O coronavírus impactou todos os mercados e setores econômicos do mundo, transformando as necessidades e demandas do consumidor de forma relevante. Os comportamentos estão mudando na mesma velocidade da evolução da doença. Um estudo do Instituto Qualibest apontou que 94% dos brasileiros mudaram os hábitos de higiene após o início da pandemia. O uso do álcool em gel cresceu 67%, seguido pela água sanitária (51%), desinfetante (47%) e sabonete líquido (42%).

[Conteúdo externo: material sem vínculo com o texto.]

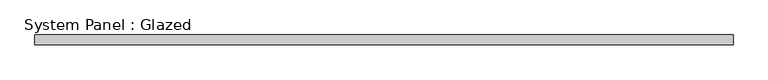
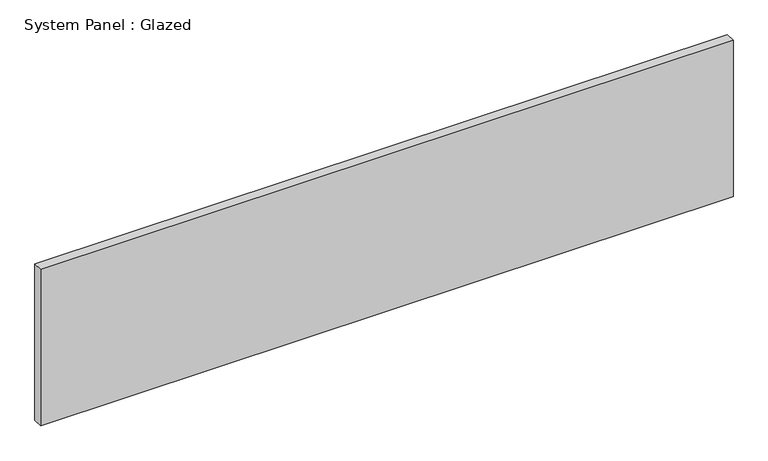
"""IFC4 building model written with IfcOpenShell, lengths in millimetres: plate geometry, System Panel : Glazed."""

from ifc_helpers import new_model, si_unit, origin, origin_with_axes, place, context, project, spatial, polyline, outline, extrude, source, transform, mapped, element, save


def system_panel_glazed_68b51738(model_context):
    return source(origin(), model_context, "Body", "SweptSolid", [
        extrude(outline(polyline([(890.0, 24.5), (-890.0, 24.5), (-890.0, 49.5), (890.0, 49.5), (890.0, 24.5)])), origin_with_axes(), (0.0, 0.0, 1.0), 425.0),
    ])


if __name__ == "__main__":
    model = new_model("IFC4")
    model_context = context("Model", 3, world=origin())
    ifc_project = project(units=[si_unit("LENGTHUNIT", "METRE", prefix="MILLI")], contexts=[model_context])
    site = spatial("IfcSite", under=ifc_project)
    building = spatial("IfcBuilding", under=site)
    placement = place(None, origin())
    system_panel_glazed_shape = system_panel_glazed_68b51738(model_context)
    element("IfcPlate", 1, ObjectType="System Panel : Glazed", at=placement, inside=building, context=model_context, shape_type="MappedRepresentation", body=[
        mapped(system_panel_glazed_shape, transform((0.0, 0.0, 0.0), x_axis=(1.0, 0.0, 0.0), y_axis=(0.0, 1.0, 0.0), z_axis=(0.0, 0.0, 1.0))),
    ])
    save(model, "model.ifc")

# Revit data of these elements
# Type "System Panel : Glazed"
#   Keynote = "H11"
#   Construction Type Id = "GSP4R"
#   Analytic Construction = "1/8 in Pilkington single glazing"
#   Visual Light Transmittance = 0.9
#   Solar Heat Gain Coefficient = 0.86
#   Heat Transfer Coefficient (U) = 6.7069 W/(m²·K)
# Element 1 (IfcPlate, "System Panel : Glazed")
#   Materials on its faces: "Glass"
# Materials
#   "Glass": class "Glass", colour RGB 0 128 192, transparency 0.9, Description = "Soda Lime Glass", Cost = 0

Na arquitetura, o desafio é criar espaços para o home office – tendência que que veio para ficar, mesmo após a pandemia – e áreas sujas para evitar que vírus e bactérias entrem na casa. Uma outra novidade é o mobiliário com proteção antimicrobiana, que inibe a proliferação de bactérias em toda a superfície dos painéis de madeira. Hoje existe no mercado painéis resistentes a umidade, que possui proteção antibacteriana. Essa proteção cria uma barreira que elimina o crescimento de microrganismos e uma ampla gama de bactérias, não permitindo que se depositem nos produtos, mantendo a limpeza por mais tempo. Dessa forma, os produtos se mantem higienizados e mais saudáveis.  

Tecnologia e prevenção

A WGSN, líder em previsão de tendências, publicou um relatório da estrategista e editora Petah Marian, que aponta que as empresas devem trabalhar para criar estratégias que melhorem a sensação de segurança, bem-estar e promovam a calma. Para isso, a indústria trabalha de forma incansável para seguir oferecendo design, qualidade, inovação e saúde. O mesmo relatório aponta que, de acordo com a pesquisa da Nielsen, 49% dos consumidores estarão dispostos a pagar “um prêmio” por produtos com garantias de alta qualidade e padrões de segurança verificáveis pós pandemia.